Every line of the following records that includes "ends" should be copied.

Data records »
··········
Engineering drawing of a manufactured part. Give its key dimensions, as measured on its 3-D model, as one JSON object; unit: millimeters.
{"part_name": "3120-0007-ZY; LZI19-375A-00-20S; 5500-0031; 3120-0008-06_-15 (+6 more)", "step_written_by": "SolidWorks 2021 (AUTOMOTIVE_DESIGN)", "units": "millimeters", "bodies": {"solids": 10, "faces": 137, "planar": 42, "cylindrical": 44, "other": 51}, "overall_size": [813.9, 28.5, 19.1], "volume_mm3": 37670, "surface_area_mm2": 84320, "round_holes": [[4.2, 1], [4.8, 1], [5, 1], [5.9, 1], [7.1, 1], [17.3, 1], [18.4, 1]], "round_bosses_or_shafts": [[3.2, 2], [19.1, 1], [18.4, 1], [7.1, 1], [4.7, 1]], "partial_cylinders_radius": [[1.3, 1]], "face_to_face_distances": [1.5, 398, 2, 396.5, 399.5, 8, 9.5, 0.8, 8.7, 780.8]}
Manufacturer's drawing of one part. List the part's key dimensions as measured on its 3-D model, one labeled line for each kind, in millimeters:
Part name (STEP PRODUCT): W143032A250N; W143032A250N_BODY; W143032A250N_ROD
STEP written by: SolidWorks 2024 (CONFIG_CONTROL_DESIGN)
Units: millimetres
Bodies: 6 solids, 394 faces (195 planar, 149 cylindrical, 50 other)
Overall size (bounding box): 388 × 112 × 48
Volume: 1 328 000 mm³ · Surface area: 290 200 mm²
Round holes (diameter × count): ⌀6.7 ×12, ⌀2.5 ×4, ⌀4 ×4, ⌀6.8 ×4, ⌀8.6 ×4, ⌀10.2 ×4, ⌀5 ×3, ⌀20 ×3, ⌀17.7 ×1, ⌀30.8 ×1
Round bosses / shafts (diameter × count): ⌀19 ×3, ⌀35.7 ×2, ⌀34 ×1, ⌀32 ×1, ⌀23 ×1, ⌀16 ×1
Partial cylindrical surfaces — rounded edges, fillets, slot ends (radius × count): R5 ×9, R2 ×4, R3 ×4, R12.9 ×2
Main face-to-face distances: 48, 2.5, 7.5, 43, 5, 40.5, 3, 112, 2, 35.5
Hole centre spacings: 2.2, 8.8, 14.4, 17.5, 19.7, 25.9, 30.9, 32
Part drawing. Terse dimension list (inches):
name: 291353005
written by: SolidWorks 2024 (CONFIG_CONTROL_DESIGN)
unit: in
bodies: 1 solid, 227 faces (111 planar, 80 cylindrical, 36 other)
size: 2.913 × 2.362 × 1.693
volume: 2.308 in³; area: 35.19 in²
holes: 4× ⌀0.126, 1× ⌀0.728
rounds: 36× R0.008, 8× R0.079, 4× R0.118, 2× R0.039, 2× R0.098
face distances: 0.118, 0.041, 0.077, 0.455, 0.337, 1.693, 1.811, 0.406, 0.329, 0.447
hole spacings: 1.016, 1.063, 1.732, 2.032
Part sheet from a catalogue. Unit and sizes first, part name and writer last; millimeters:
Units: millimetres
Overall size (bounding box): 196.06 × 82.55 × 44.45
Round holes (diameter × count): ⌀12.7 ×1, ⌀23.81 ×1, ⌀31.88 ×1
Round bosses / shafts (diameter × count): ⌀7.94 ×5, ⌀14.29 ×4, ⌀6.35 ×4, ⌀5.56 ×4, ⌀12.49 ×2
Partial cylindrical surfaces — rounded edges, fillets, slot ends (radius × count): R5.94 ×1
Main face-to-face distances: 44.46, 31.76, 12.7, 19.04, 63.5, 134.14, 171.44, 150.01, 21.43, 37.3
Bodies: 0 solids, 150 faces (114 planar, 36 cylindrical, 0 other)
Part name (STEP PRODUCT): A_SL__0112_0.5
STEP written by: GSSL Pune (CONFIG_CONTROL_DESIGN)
··········
Final answer »
Partial cylindrical surfaces — rounded edges, fillets, slot ends (radius × count): R5 ×9, R2 ×4, R3 ×4, R12.9 ×2
Partial cylindrical surfaces — rounded edges, fillets, slot ends (radius × count): R5.94 ×1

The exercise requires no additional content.